▶ **The input**
---

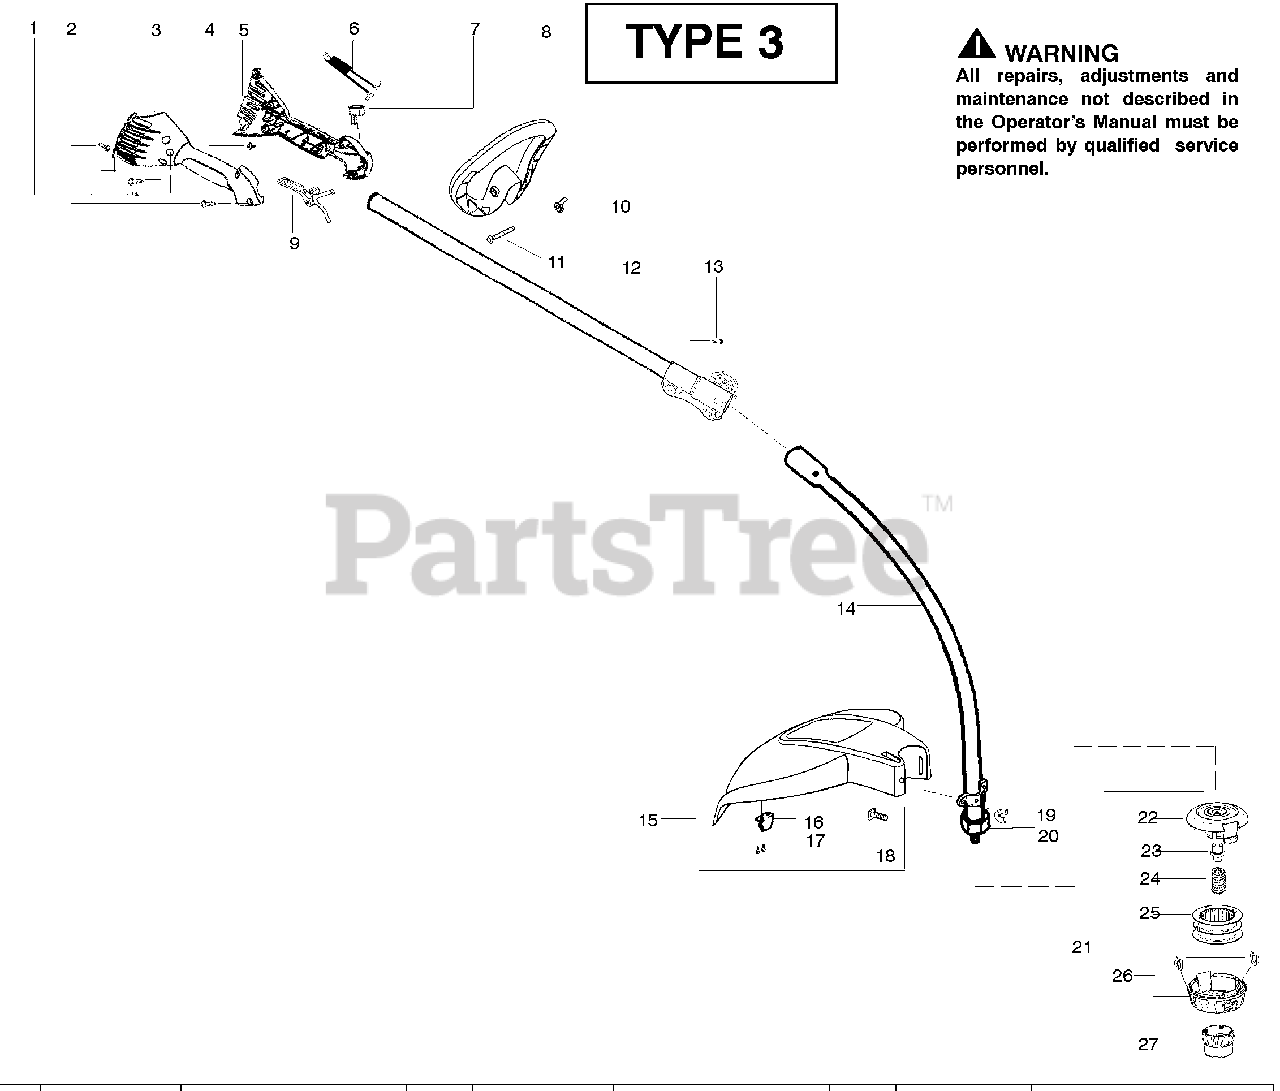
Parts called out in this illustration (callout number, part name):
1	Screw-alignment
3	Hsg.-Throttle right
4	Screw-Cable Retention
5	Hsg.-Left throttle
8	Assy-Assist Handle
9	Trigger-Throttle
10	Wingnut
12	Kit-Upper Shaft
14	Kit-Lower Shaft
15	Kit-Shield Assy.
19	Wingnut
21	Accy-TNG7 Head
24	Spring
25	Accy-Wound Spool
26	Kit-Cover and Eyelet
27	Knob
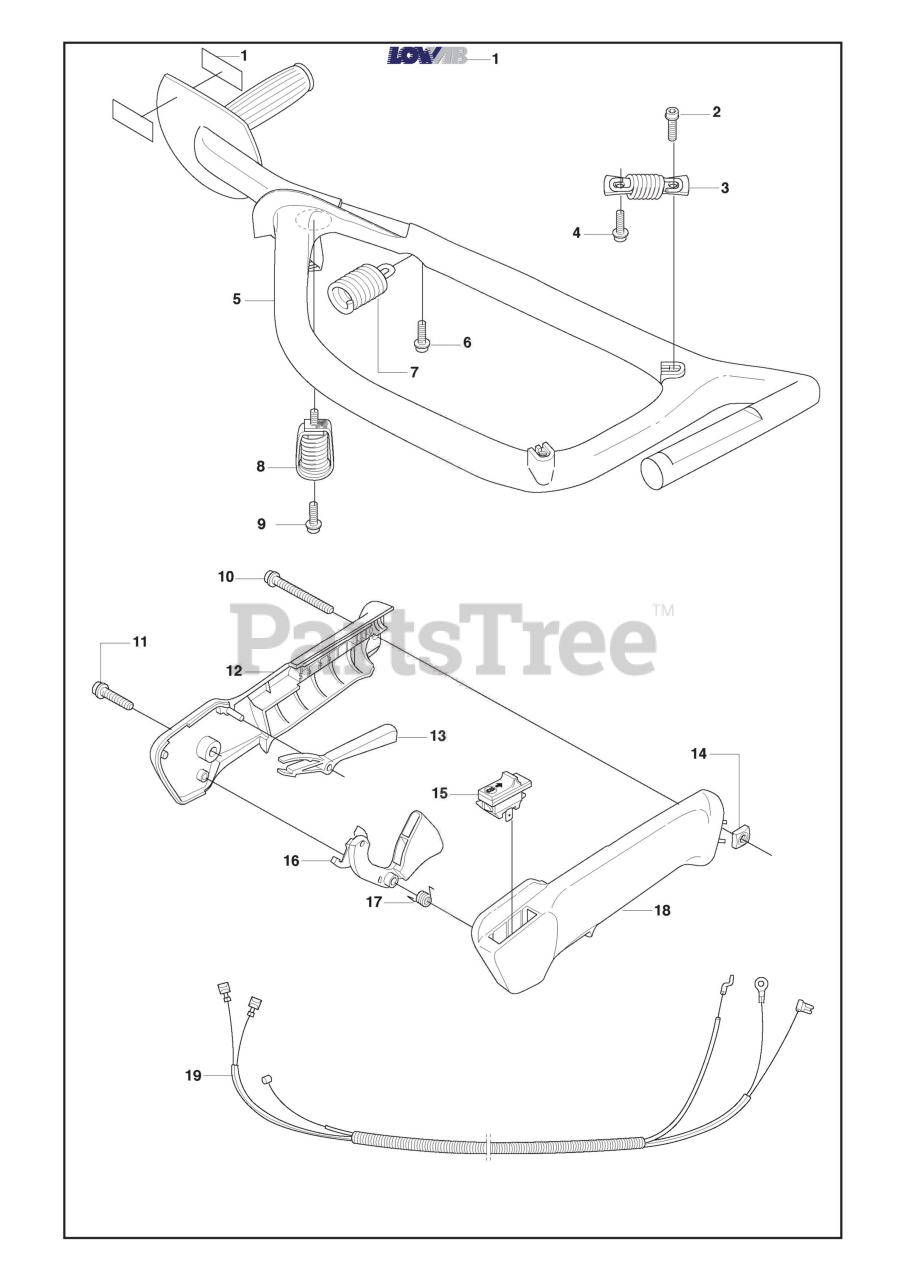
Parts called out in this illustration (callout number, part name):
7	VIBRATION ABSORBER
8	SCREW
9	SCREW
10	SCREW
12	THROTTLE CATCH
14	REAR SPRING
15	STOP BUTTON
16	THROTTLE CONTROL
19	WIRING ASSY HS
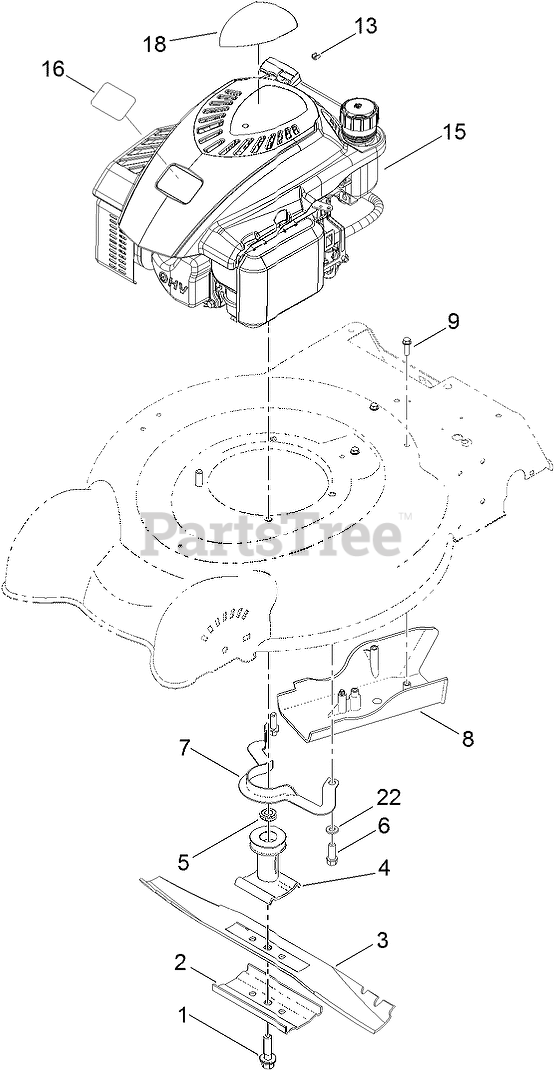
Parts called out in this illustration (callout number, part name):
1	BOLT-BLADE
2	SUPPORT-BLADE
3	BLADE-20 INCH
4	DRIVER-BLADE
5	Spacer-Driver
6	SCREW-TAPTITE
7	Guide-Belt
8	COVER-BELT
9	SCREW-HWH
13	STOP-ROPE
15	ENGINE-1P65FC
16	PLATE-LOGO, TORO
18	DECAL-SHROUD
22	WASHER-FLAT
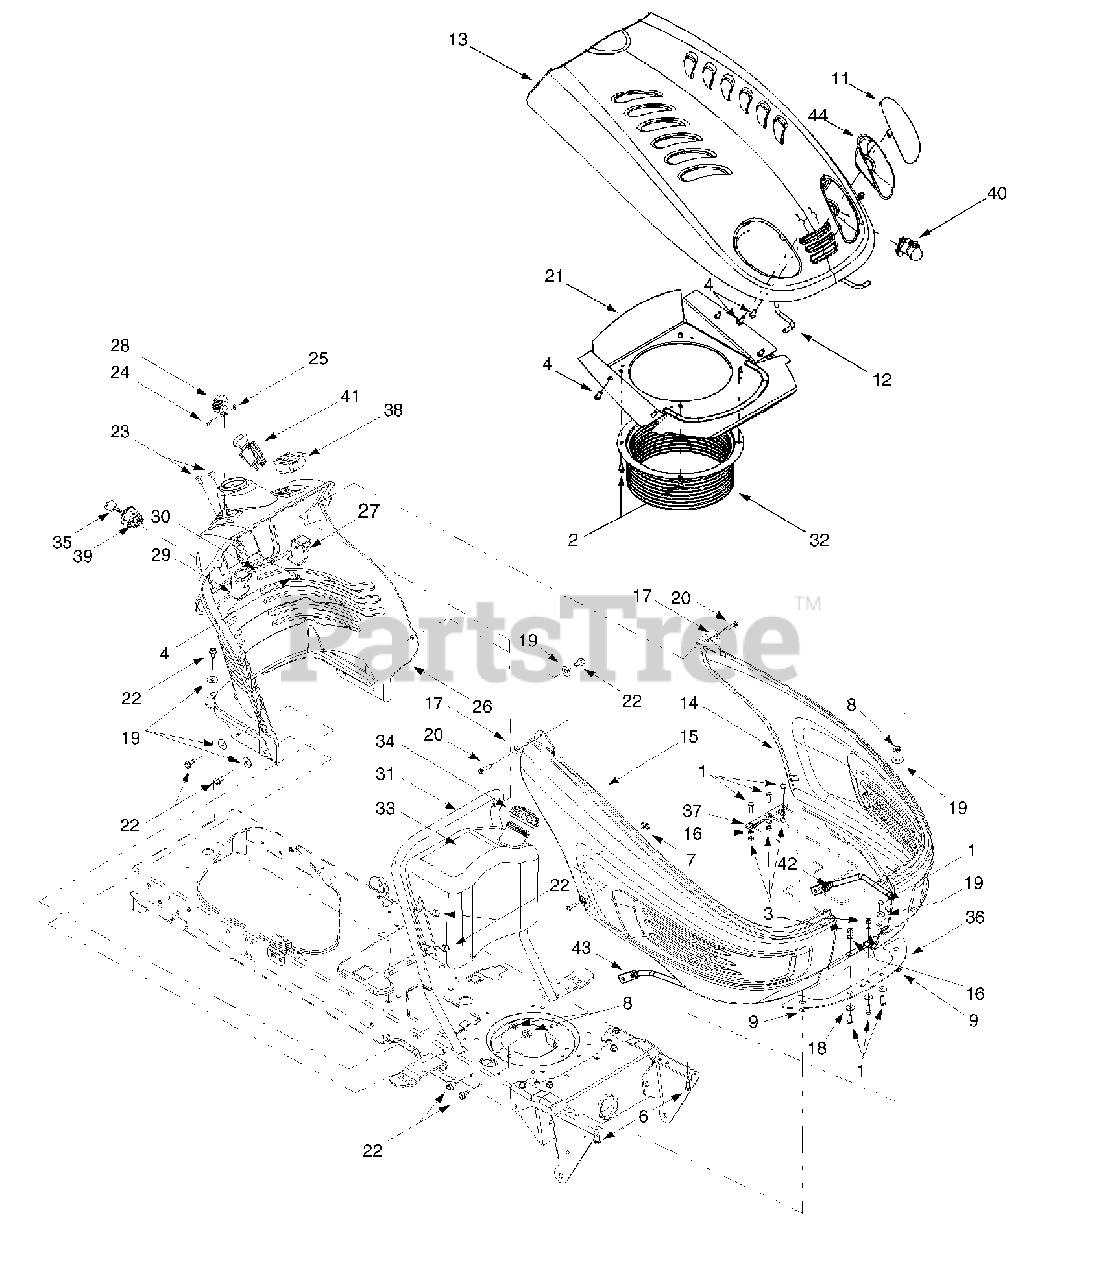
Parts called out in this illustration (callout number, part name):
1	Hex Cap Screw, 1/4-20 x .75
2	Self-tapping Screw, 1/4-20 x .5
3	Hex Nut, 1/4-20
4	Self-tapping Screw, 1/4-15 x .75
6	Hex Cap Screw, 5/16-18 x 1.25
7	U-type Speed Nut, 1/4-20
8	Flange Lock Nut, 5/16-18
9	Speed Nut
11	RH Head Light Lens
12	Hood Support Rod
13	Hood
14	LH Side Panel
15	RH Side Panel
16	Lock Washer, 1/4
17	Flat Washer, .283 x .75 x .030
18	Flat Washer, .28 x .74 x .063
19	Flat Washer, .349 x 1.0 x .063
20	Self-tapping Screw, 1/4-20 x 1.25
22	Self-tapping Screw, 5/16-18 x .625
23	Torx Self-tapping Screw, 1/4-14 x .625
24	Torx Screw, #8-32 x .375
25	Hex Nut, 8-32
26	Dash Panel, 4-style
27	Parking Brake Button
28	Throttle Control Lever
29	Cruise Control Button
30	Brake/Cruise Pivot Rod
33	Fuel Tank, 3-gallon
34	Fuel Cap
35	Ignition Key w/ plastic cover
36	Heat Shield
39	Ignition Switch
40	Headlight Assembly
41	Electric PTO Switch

---

▶ **Your instructions**
Reproduce the entire listing exactly, except for any pictures it contains.

▶ **Task solution**
Parts called out in this illustration (callout number, part name):
1	Screw-alignment
3	Hsg.-Throttle right
4	Screw-Cable Retention
5	Hsg.-Left throttle
8	Assy-Assist Handle
9	Trigger-Throttle
10	Wingnut
12	Kit-Upper Shaft
14	Kit-Lower Shaft
15	Kit-Shield Assy.
19	Wingnut
21	Accy-TNG7 Head
24	Spring
25	Accy-Wound Spool
26	Kit-Cover and Eyelet
27	Knob
Parts called out in this illustration (callout number, part name):
7	VIBRATION ABSORBER
8	SCREW
9	SCREW
10	SCREW
12	THROTTLE CATCH
14	REAR SPRING
15	STOP BUTTON
16	THROTTLE CONTROL
19	WIRING ASSY HS
Parts called out in this illustration (callout number, part name):
1	BOLT-BLADE
2	SUPPORT-BLADE
3	BLADE-20 INCH
4	DRIVER-BLADE
5	Spacer-Driver
6	SCREW-TAPTITE
7	Guide-Belt
8	COVER-BELT
9	SCREW-HWH
13	STOP-ROPE
15	ENGINE-1P65FC
16	PLATE-LOGO, TORO
18	DECAL-SHROUD
22	WASHER-FLAT
Parts called out in this illustration (callout number, part name):
1	Hex Cap Screw, 1/4-20 x .75
2	Self-tapping Screw, 1/4-20 x .5
3	Hex Nut, 1/4-20
4	Self-tapping Screw, 1/4-15 x .75
6	Hex Cap Screw, 5/16-18 x 1.25
7	U-type Speed Nut, 1/4-20
8	Flange Lock Nut, 5/16-18
9	Speed Nut
11	RH Head Light Lens
12	Hood Support Rod
13	Hood
14	LH Side Panel
15	RH Side Panel
16	Lock Washer, 1/4
17	Flat Washer, .283 x .75 x .030
18	Flat Washer, .28 x .74 x .063
19	Flat Washer, .349 x 1.0 x .063
20	Self-tapping Screw, 1/4-20 x 1.25
22	Self-tapping Screw, 5/16-18 x .625
23	Torx Self-tapping Screw, 1/4-14 x .625
24	Torx Screw, #8-32 x .375
25	Hex Nut, 8-32
26	Dash Panel, 4-style
27	Parking Brake Button
28	Throttle Control Lever
29	Cruise Control Button
30	Brake/Cruise Pivot Rod
33	Fuel Tank, 3-gallon
34	Fuel Cap
35	Ignition Key w/ plastic cover
36	Heat Shield
39	Ignition Switch
40	Headlight Assembly
41	Electric PTO Switch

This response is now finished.